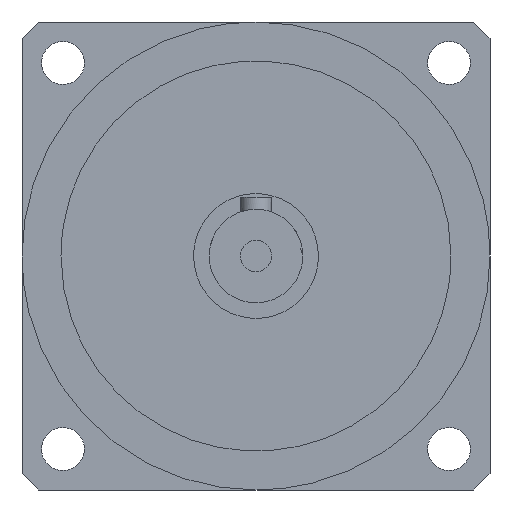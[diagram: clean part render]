
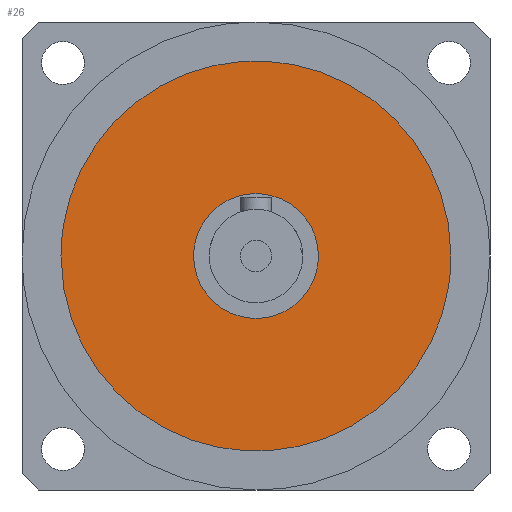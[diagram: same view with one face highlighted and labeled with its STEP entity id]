
A CAD part, front view. The second image highlights one B-rep face of the part: STEP entity #26.
In plain terms, the highlighted planar face has unit normal (0, -1, 0).
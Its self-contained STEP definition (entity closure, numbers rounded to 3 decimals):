
#26=ADVANCED_FACE('',(#100,#79),#877,.T.);
#79=FACE_BOUND('',#165,.T.);
#100=FACE_OUTER_BOUND('',#164,.T.);
#164=EDGE_LOOP('',(#270,#271));
#165=EDGE_LOOP('',(#272,#273));
#270=ORIENTED_EDGE('',*,*,#509,.T.);
#271=ORIENTED_EDGE('',*,*,#593,.T.);
#272=ORIENTED_EDGE('',*,*,#587,.F.);
#273=ORIENTED_EDGE('',*,*,#580,.F.);
#509=EDGE_CURVE('',#766,#814,#678,.T.);
#580=EDGE_CURVE('',#806,#809,#718,.T.);
#587=EDGE_CURVE('',#809,#806,#725,.T.);
#593=EDGE_CURVE('',#814,#766,#731,.T.);
#678=(
BOUNDED_CURVE()
B_SPLINE_CURVE(2,(#1722,#1723,#1724,#1725,#1726),.UNSPECIFIED.,.F.,.F.)
B_SPLINE_CURVE_WITH_KNOTS((3,2,3),(0.,39.27,78.54),
 .UNSPECIFIED.)
CURVE()
GEOMETRIC_REPRESENTATION_ITEM()
RATIONAL_B_SPLINE_CURVE((1.,0.707,1.,0.707,1.))
REPRESENTATION_ITEM('')
);
#718=(
BOUNDED_CURVE()
B_SPLINE_CURVE(2,(#1956,#1957,#1958,#1959,#1960),.UNSPECIFIED.,.F.,.F.)
B_SPLINE_CURVE_WITH_KNOTS((3,2,3),(0.,12.566,25.133),
 .UNSPECIFIED.)
CURVE()
GEOMETRIC_REPRESENTATION_ITEM()
RATIONAL_B_SPLINE_CURVE((1.,0.707,1.,0.707,1.))
REPRESENTATION_ITEM('')
);
#725=(
BOUNDED_CURVE()
B_SPLINE_CURVE(2,(#1982,#1983,#1984,#1985,#1986),.UNSPECIFIED.,.F.,.F.)
B_SPLINE_CURVE_WITH_KNOTS((3,2,3),(25.133,37.699,50.265),
 .UNSPECIFIED.)
CURVE()
GEOMETRIC_REPRESENTATION_ITEM()
RATIONAL_B_SPLINE_CURVE((1.,0.707,1.,0.707,1.))
REPRESENTATION_ITEM('')
);
#731=(
BOUNDED_CURVE()
B_SPLINE_CURVE(2,(#2006,#2007,#2008,#2009,#2010),.UNSPECIFIED.,.F.,.F.)
B_SPLINE_CURVE_WITH_KNOTS((3,2,3),(78.54,117.81,157.08),
 .UNSPECIFIED.)
CURVE()
GEOMETRIC_REPRESENTATION_ITEM()
RATIONAL_B_SPLINE_CURVE((1.,0.707,1.,0.707,1.))
REPRESENTATION_ITEM('')
);
#766=VERTEX_POINT('',#1558);
#806=VERTEX_POINT('',#1598);
#809=VERTEX_POINT('',#1601);
#814=VERTEX_POINT('',#1606);
#877=PLANE('',#918);
#918=AXIS2_PLACEMENT_3D('',#1510,#942,$);
#942=DIRECTION('',(0.,-1.,0.));
#1510=CARTESIAN_POINT('',(-25.5,-5.,-25.5));
#1558=CARTESIAN_POINT('',(25.,-5.,0.));
#1598=CARTESIAN_POINT('',(0.,-5.,8.));
#1601=CARTESIAN_POINT('',(0.,-5.,-8.));
#1606=CARTESIAN_POINT('',(-25.,-5.,0.));
#1722=CARTESIAN_POINT('',(25.,-5.,0.));
#1723=CARTESIAN_POINT('',(25.,-5.,25.));
#1724=CARTESIAN_POINT('',(0.,-5.,25.));
#1725=CARTESIAN_POINT('',(-25.,-5.,25.));
#1726=CARTESIAN_POINT('',(-25.,-5.,0.));
#1956=CARTESIAN_POINT('',(0.,-5.,8.));
#1957=CARTESIAN_POINT('',(-8.,-5.,8.));
#1958=CARTESIAN_POINT('',(-8.,-5.,0.));
#1959=CARTESIAN_POINT('',(-8.,-5.,-8.));
#1960=CARTESIAN_POINT('',(0.,-5.,-8.));
#1982=CARTESIAN_POINT('',(0.,-5.,-8.));
#1983=CARTESIAN_POINT('',(8.,-5.,-8.));
#1984=CARTESIAN_POINT('',(8.,-5.,0.));
#1985=CARTESIAN_POINT('',(8.,-5.,8.));
#1986=CARTESIAN_POINT('',(0.,-5.,8.));
#2006=CARTESIAN_POINT('',(-25.,-5.,0.));
#2007=CARTESIAN_POINT('',(-25.,-5.,-25.));
#2008=CARTESIAN_POINT('',(0.,-5.,-25.));
#2009=CARTESIAN_POINT('',(25.,-5.,-25.));
#2010=CARTESIAN_POINT('',(25.,-5.,0.));

• • • •

## WORK REQUEST
Skip the pictures and reproduce all remaining entries exactly.

## OUTPUT OF THE EXERCISE
[diagram: clean part render]
[diagram: same view with one face highlighted and labeled with its STEP entity id]
A CAD part, front view. The second image highlights one B-rep face of the part: STEP entity #26.
In plain terms, the highlighted planar face has unit normal (0, -1, 0).
Its self-contained STEP definition (entity closure, numbers rounded to 3 decimals):
#26=ADVANCED_FACE('',(#100,#79),#877,.T.);
#79=FACE_BOUND('',#165,.T.);
#100=FACE_OUTER_BOUND('',#164,.T.);
#164=EDGE_LOOP('',(#270,#271));
#165=EDGE_LOOP('',(#272,#273));
#270=ORIENTED_EDGE('',*,*,#509,.T.);
#271=ORIENTED_EDGE('',*,*,#593,.T.);
#272=ORIENTED_EDGE('',*,*,#587,.F.);
#273=ORIENTED_EDGE('',*,*,#580,.F.);
#509=EDGE_CURVE('',#766,#814,#678,.T.);
#580=EDGE_CURVE('',#806,#809,#718,.T.);
#587=EDGE_CURVE('',#809,#806,#725,.T.);
#593=EDGE_CURVE('',#814,#766,#731,.T.);
#678=(
BOUNDED_CURVE()
B_SPLINE_CURVE(2,(#1722,#1723,#1724,#1725,#1726),.UNSPECIFIED.,.F.,.F.)
B_SPLINE_CURVE_WITH_KNOTS((3,2,3),(0.,39.27,78.54),
 .UNSPECIFIED.)
CURVE()
GEOMETRIC_REPRESENTATION_ITEM()
RATIONAL_B_SPLINE_CURVE((1.,0.707,1.,0.707,1.))
REPRESENTATION_ITEM('')
);
#718=(
BOUNDED_CURVE()
B_SPLINE_CURVE(2,(#1956,#1957,#1958,#1959,#1960),.UNSPECIFIED.,.F.,.F.)
B_SPLINE_CURVE_WITH_KNOTS((3,2,3),(0.,12.566,25.133),
 .UNSPECIFIED.)
CURVE()
GEOMETRIC_REPRESENTATION_ITEM()
RATIONAL_B_SPLINE_CURVE((1.,0.707,1.,0.707,1.))
REPRESENTATION_ITEM('')
);
#725=(
BOUNDED_CURVE()
B_SPLINE_CURVE(2,(#1982,#1983,#1984,#1985,#1986),.UNSPECIFIED.,.F.,.F.)
B_SPLINE_CURVE_WITH_KNOTS((3,2,3),(25.133,37.699,50.265),
 .UNSPECIFIED.)
CURVE()
GEOMETRIC_REPRESENTATION_ITEM()
RATIONAL_B_SPLINE_CURVE((1.,0.707,1.,0.707,1.))
REPRESENTATION_ITEM('')
);
#731=(
BOUNDED_CURVE()
B_SPLINE_CURVE(2,(#2006,#2007,#2008,#2009,#2010),.UNSPECIFIED.,.F.,.F.)
B_SPLINE_CURVE_WITH_KNOTS((3,2,3),(78.54,117.81,157.08),
 .UNSPECIFIED.)
CURVE()
GEOMETRIC_REPRESENTATION_ITEM()
RATIONAL_B_SPLINE_CURVE((1.,0.707,1.,0.707,1.))
REPRESENTATION_ITEM('')
);
#766=VERTEX_POINT('',#1558);
#806=VERTEX_POINT('',#1598);
#809=VERTEX_POINT('',#1601);
#814=VERTEX_POINT('',#1606);
#877=PLANE('',#918);
#918=AXIS2_PLACEMENT_3D('',#1510,#942,$);
#942=DIRECTION('',(0.,-1.,0.));
#1510=CARTESIAN_POINT('',(-25.5,-5.,-25.5));
#1558=CARTESIAN_POINT('',(25.,-5.,0.));
#1598=CARTESIAN_POINT('',(0.,-5.,8.));
#1601=CARTESIAN_POINT('',(0.,-5.,-8.));
#1606=CARTESIAN_POINT('',(-25.,-5.,0.));
#1722=CARTESIAN_POINT('',(25.,-5.,0.));
#1723=CARTESIAN_POINT('',(25.,-5.,25.));
#1724=CARTESIAN_POINT('',(0.,-5.,25.));
#1725=CARTESIAN_POINT('',(-25.,-5.,25.));
#1726=CARTESIAN_POINT('',(-25.,-5.,0.));
#1956=CARTESIAN_POINT('',(0.,-5.,8.));
#1957=CARTESIAN_POINT('',(-8.,-5.,8.));
#1958=CARTESIAN_POINT('',(-8.,-5.,0.));
#1959=CARTESIAN_POINT('',(-8.,-5.,-8.));
#1960=CARTESIAN_POINT('',(0.,-5.,-8.));
#1982=CARTESIAN_POINT('',(0.,-5.,-8.));
#1983=CARTESIAN_POINT('',(8.,-5.,-8.));
#1984=CARTESIAN_POINT('',(8.,-5.,0.));
#1985=CARTESIAN_POINT('',(8.,-5.,8.));
#1986=CARTESIAN_POINT('',(0.,-5.,8.));
#2006=CARTESIAN_POINT('',(-25.,-5.,0.));
#2007=CARTESIAN_POINT('',(-25.,-5.,-25.));
#2008=CARTESIAN_POINT('',(0.,-5.,-25.));
#2009=CARTESIAN_POINT('',(25.,-5.,-25.));
#2010=CARTESIAN_POINT('',(25.,-5.,0.));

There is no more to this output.